■ **What you have to do**
Your answer should consist of all lines in the listing that hold the word "frame".

■ **Extracted material**
= = = =
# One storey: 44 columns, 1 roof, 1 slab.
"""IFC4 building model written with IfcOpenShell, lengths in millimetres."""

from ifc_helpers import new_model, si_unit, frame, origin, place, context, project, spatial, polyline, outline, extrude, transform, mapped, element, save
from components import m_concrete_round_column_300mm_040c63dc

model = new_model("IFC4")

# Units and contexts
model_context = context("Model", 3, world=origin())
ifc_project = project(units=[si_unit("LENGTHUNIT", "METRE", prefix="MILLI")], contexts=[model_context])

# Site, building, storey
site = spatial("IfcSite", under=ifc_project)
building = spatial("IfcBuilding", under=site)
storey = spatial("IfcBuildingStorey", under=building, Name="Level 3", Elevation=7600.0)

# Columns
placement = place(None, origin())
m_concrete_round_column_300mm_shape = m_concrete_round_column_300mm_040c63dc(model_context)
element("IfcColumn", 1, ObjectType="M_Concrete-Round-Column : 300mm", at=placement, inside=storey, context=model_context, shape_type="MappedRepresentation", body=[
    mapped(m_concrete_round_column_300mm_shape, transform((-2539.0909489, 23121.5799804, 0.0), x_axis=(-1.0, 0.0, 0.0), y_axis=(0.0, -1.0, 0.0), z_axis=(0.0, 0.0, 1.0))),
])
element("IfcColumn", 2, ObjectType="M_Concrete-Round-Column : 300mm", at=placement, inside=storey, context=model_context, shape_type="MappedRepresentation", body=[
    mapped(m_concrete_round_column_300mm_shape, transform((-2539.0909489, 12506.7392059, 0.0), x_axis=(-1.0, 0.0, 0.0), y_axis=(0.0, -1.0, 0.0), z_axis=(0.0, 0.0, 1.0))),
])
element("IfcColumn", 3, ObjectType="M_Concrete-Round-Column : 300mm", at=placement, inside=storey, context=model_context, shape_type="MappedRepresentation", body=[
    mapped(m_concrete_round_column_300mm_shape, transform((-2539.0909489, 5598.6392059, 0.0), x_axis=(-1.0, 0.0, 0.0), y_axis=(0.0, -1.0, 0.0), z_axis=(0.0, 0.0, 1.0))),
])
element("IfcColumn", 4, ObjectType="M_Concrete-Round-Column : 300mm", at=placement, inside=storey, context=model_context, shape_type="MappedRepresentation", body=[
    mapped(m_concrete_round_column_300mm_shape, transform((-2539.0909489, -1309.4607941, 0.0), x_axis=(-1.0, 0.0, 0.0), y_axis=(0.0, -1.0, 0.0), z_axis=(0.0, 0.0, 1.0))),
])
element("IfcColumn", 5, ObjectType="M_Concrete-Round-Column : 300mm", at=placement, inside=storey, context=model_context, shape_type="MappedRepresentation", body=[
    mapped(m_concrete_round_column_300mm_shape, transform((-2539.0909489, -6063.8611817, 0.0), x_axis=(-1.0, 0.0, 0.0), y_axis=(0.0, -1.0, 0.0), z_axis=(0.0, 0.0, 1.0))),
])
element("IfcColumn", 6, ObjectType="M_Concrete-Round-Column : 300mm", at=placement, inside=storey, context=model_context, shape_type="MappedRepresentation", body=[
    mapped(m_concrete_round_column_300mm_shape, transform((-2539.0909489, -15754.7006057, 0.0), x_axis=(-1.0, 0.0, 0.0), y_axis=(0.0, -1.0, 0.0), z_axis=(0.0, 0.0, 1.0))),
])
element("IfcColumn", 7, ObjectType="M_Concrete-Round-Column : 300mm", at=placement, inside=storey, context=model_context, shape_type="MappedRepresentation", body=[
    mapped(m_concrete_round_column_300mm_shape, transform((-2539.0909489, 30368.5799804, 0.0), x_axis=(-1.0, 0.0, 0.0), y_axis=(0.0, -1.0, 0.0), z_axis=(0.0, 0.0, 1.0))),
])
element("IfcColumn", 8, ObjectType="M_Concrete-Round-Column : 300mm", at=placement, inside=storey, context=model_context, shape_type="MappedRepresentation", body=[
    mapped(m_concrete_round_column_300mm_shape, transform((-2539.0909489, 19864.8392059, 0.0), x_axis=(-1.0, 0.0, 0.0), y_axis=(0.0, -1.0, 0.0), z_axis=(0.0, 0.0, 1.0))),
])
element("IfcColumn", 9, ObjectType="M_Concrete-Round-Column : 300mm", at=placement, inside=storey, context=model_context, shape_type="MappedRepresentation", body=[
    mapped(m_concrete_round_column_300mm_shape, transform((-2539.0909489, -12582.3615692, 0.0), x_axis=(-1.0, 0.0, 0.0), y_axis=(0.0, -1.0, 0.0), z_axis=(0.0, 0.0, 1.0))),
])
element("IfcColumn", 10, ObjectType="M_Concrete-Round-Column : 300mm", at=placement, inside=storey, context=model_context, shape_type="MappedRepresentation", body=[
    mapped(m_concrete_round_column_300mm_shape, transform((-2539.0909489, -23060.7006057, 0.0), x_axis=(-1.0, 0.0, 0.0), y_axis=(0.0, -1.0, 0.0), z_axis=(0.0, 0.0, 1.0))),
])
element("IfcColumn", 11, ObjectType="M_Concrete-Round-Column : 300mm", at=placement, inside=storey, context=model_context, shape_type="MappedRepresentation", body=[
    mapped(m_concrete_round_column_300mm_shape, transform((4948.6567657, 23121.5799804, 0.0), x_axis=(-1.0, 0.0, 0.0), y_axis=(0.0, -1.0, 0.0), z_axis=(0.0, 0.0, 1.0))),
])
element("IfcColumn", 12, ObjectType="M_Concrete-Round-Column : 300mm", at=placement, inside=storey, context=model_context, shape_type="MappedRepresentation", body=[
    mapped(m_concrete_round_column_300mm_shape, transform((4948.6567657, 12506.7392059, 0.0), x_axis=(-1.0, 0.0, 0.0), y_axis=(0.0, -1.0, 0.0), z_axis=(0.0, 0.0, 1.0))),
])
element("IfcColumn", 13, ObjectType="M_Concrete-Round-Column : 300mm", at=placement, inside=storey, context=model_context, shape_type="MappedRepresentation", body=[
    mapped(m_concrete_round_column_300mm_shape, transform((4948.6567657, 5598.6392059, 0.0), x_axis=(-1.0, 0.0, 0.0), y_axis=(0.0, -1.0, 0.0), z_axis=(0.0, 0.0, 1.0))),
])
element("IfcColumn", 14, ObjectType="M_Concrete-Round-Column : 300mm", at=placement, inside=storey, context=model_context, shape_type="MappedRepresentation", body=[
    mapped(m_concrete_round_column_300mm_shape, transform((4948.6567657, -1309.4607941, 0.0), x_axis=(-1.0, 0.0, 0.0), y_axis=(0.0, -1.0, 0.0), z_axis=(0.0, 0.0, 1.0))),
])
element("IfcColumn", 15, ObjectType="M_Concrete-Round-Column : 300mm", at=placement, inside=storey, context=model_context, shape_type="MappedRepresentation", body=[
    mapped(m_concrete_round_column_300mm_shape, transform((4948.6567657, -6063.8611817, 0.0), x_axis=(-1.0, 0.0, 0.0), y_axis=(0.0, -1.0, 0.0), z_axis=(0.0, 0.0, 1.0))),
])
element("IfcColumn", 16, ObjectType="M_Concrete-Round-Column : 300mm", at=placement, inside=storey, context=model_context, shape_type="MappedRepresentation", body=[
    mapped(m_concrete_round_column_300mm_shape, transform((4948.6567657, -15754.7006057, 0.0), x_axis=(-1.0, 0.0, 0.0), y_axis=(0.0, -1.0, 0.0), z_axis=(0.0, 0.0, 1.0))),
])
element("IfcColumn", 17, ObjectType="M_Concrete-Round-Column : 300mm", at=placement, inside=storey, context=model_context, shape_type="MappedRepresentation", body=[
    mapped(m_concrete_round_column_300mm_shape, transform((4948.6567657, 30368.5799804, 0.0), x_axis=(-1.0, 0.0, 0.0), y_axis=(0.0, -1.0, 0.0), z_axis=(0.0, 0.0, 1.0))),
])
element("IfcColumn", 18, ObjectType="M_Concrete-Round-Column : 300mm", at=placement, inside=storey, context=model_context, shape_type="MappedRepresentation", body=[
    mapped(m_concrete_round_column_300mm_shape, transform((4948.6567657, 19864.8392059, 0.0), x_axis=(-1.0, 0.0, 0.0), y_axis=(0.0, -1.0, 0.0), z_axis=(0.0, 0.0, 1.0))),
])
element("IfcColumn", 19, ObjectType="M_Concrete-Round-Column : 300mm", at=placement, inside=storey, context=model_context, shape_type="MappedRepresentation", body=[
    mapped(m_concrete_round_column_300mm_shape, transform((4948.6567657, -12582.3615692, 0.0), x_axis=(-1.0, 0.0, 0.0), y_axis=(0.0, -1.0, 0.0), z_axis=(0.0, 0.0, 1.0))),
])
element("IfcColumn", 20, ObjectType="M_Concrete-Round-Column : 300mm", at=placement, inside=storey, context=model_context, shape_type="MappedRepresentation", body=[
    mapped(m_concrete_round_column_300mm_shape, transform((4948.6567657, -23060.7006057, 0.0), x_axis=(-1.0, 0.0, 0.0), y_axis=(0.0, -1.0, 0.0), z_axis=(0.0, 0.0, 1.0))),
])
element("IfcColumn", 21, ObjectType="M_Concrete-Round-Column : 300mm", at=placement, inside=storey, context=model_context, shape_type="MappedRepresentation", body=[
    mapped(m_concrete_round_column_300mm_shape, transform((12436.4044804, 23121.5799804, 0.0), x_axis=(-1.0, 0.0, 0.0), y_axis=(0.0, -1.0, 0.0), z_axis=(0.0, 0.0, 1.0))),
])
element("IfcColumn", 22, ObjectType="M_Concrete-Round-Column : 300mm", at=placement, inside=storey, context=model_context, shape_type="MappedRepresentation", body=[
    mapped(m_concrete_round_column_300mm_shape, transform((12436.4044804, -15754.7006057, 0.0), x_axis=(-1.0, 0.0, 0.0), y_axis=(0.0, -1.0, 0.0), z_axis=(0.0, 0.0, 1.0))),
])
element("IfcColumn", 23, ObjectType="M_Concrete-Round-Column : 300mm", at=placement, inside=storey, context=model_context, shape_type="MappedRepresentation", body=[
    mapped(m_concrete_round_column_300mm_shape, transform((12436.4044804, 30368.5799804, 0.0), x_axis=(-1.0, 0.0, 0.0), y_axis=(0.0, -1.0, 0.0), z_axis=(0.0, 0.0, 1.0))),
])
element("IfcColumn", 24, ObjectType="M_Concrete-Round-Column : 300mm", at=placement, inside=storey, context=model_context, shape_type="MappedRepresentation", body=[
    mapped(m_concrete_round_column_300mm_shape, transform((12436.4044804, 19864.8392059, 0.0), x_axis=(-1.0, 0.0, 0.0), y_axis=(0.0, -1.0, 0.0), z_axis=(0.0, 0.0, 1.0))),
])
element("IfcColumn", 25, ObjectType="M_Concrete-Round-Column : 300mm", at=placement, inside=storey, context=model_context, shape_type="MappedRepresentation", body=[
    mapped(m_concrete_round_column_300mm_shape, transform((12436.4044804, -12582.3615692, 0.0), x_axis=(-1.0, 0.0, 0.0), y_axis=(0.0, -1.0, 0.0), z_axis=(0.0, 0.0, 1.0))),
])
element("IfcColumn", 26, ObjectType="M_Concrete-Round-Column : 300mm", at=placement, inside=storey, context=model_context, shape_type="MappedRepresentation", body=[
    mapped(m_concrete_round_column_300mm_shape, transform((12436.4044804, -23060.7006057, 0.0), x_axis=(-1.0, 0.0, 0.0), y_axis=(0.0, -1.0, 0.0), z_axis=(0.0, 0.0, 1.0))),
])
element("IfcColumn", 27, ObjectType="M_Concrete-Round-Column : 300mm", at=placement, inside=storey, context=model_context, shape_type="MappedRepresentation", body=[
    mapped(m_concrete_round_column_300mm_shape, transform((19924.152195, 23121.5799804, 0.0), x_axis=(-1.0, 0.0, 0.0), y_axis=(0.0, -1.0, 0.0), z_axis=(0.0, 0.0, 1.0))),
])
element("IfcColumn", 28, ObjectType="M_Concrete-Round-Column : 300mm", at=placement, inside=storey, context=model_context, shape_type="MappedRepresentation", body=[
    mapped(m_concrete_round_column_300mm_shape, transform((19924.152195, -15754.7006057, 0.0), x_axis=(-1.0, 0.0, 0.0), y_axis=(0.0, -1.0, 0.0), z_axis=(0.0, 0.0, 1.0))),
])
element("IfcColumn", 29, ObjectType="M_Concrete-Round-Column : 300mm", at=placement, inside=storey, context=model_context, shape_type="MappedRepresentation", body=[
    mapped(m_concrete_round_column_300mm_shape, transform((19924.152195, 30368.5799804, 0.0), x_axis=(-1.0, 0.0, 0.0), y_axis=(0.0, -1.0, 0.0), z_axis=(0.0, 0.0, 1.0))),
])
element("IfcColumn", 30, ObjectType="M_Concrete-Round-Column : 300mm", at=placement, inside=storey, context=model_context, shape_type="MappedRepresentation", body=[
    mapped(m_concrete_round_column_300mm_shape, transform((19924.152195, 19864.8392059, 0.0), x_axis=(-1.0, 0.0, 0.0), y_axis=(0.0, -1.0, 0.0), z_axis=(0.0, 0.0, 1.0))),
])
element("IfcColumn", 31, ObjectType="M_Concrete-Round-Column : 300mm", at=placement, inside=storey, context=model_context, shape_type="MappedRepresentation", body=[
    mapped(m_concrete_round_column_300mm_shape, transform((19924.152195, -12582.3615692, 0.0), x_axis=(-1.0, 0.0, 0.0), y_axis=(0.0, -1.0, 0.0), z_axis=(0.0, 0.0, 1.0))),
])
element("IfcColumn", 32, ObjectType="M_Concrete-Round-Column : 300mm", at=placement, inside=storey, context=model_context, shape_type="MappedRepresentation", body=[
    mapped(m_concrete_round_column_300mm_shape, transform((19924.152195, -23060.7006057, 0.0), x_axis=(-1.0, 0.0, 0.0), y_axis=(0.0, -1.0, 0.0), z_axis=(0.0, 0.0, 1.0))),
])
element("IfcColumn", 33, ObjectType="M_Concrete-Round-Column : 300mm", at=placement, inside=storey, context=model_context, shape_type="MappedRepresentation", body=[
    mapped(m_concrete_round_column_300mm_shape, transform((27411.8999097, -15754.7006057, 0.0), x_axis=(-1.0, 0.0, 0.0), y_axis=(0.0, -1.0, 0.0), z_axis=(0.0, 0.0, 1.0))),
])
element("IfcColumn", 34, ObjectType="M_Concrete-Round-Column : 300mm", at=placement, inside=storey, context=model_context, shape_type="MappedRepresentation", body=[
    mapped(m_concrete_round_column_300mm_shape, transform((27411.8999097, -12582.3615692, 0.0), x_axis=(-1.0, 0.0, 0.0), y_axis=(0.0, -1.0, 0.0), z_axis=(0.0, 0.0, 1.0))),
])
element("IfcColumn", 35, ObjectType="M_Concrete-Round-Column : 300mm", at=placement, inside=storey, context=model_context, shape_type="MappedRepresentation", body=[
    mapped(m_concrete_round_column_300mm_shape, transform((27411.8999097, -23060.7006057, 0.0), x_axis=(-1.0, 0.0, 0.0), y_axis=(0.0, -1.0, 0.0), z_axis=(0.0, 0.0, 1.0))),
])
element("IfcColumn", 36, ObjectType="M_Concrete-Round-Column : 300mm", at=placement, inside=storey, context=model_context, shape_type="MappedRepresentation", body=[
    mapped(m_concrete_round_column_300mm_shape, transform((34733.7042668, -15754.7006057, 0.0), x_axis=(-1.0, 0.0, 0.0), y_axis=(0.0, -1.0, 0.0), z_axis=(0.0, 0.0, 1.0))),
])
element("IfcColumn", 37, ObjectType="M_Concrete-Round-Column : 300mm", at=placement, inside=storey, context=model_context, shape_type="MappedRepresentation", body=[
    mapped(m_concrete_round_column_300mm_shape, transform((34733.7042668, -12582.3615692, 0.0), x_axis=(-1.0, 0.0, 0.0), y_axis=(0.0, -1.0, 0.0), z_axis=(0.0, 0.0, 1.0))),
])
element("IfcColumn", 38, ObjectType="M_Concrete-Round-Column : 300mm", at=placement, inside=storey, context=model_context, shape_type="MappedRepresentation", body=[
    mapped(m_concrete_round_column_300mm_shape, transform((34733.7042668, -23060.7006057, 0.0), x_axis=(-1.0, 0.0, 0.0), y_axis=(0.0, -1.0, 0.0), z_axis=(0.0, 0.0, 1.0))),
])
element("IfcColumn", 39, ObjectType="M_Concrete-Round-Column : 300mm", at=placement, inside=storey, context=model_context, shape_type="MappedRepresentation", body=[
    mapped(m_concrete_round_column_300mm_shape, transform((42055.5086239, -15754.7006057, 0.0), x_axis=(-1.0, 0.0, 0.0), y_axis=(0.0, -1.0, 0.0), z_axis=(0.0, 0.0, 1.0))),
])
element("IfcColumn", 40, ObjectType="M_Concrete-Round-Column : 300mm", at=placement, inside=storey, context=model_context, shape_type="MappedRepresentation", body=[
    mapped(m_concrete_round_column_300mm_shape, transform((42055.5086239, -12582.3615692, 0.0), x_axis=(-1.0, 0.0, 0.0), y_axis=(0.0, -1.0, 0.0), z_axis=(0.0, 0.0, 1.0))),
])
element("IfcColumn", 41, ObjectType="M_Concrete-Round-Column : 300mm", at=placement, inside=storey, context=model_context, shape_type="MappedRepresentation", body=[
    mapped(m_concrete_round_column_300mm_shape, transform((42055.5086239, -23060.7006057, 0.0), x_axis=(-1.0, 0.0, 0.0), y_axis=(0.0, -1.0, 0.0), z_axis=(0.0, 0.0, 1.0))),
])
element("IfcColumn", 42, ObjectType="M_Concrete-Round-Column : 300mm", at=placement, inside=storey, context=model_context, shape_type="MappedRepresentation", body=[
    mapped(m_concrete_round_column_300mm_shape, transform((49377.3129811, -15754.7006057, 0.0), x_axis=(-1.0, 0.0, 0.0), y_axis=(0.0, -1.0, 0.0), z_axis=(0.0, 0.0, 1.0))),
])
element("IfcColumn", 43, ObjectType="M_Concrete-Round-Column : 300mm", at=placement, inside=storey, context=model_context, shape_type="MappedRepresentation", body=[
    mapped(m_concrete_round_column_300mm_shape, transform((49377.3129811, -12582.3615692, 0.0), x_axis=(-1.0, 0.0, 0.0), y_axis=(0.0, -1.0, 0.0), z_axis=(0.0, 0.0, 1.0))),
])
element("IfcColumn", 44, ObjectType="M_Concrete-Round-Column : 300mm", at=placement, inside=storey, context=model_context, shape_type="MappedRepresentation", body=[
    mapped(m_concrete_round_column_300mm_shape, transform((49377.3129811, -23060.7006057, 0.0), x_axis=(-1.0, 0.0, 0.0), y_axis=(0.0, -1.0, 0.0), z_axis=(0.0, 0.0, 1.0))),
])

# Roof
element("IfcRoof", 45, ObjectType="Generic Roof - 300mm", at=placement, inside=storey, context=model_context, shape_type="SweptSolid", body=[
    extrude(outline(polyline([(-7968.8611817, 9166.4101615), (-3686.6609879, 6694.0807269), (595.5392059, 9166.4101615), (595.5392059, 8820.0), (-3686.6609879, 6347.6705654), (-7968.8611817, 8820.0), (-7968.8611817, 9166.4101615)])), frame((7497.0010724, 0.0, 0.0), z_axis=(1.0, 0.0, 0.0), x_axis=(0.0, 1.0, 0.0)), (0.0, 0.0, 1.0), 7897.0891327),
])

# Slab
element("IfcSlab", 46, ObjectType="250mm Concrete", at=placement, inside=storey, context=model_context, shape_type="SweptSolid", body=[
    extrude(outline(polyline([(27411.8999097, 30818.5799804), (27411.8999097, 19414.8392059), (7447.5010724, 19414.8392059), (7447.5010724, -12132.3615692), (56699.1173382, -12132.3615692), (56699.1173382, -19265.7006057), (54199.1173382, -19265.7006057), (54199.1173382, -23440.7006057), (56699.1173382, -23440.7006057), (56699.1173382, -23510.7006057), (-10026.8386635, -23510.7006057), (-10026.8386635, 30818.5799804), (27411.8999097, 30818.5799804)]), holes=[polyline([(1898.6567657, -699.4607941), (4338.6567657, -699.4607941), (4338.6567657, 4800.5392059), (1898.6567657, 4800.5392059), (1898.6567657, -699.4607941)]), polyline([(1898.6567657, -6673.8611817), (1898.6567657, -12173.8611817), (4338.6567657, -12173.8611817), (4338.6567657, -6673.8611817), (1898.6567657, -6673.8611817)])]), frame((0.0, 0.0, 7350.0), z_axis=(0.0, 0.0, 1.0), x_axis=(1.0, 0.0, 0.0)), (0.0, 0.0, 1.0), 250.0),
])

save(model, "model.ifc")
= = = =
■ **Response to this exercise**
from ifc_helpers import new_model, si_unit, frame, origin, place, context, project, spatial, polyline, outline, extrude, transform, mapped, element, save
    extrude(outline(polyline([(-7968.8611817, 9166.4101615), (-3686.6609879, 6694.0807269), (595.5392059, 9166.4101615), (595.5392059, 8820.0), (-3686.6609879, 6347.6705654), (-7968.8611817, 8820.0), (-7968.8611817, 9166.4101615)])), frame((7497.0010724, 0.0, 0.0), z_axis=(1.0, 0.0, 0.0), x_axis=(0.0, 1.0, 0.0)), (0.0, 0.0, 1.0), 7897.0891327),
    extrude(outline(polyline([(27411.8999097, 30818.5799804), (27411.8999097, 19414.8392059), (7447.5010724, 19414.8392059), (7447.5010724, -12132.3615692), (56699.1173382, -12132.3615692), (56699.1173382, -19265.7006057), (54199.1173382, -19265.7006057), (54199.1173382, -23440.7006057), (56699.1173382, -23440.7006057), (56699.1173382, -23510.7006057), (-10026.8386635, -23510.7006057), (-10026.8386635, 30818.5799804), (27411.8999097, 30818.5799804)]), holes=[polyline([(1898.6567657, -699.4607941), (4338.6567657, -699.4607941), (4338.6567657, 4800.5392059), (1898.6567657, 4800.5392059), (1898.6567657, -699.4607941)]), polyline([(1898.6567657, -6673.8611817), (1898.6567657, -12173.8611817), (4338.6567657, -12173.8611817), (4338.6567657, -6673.8611817), (1898.6567657, -6673.8611817)])]), frame((0.0, 0.0, 7350.0), z_axis=(0.0, 0.0, 1.0), x_axis=(1.0, 0.0, 0.0)), (0.0, 0.0, 1.0), 250.0),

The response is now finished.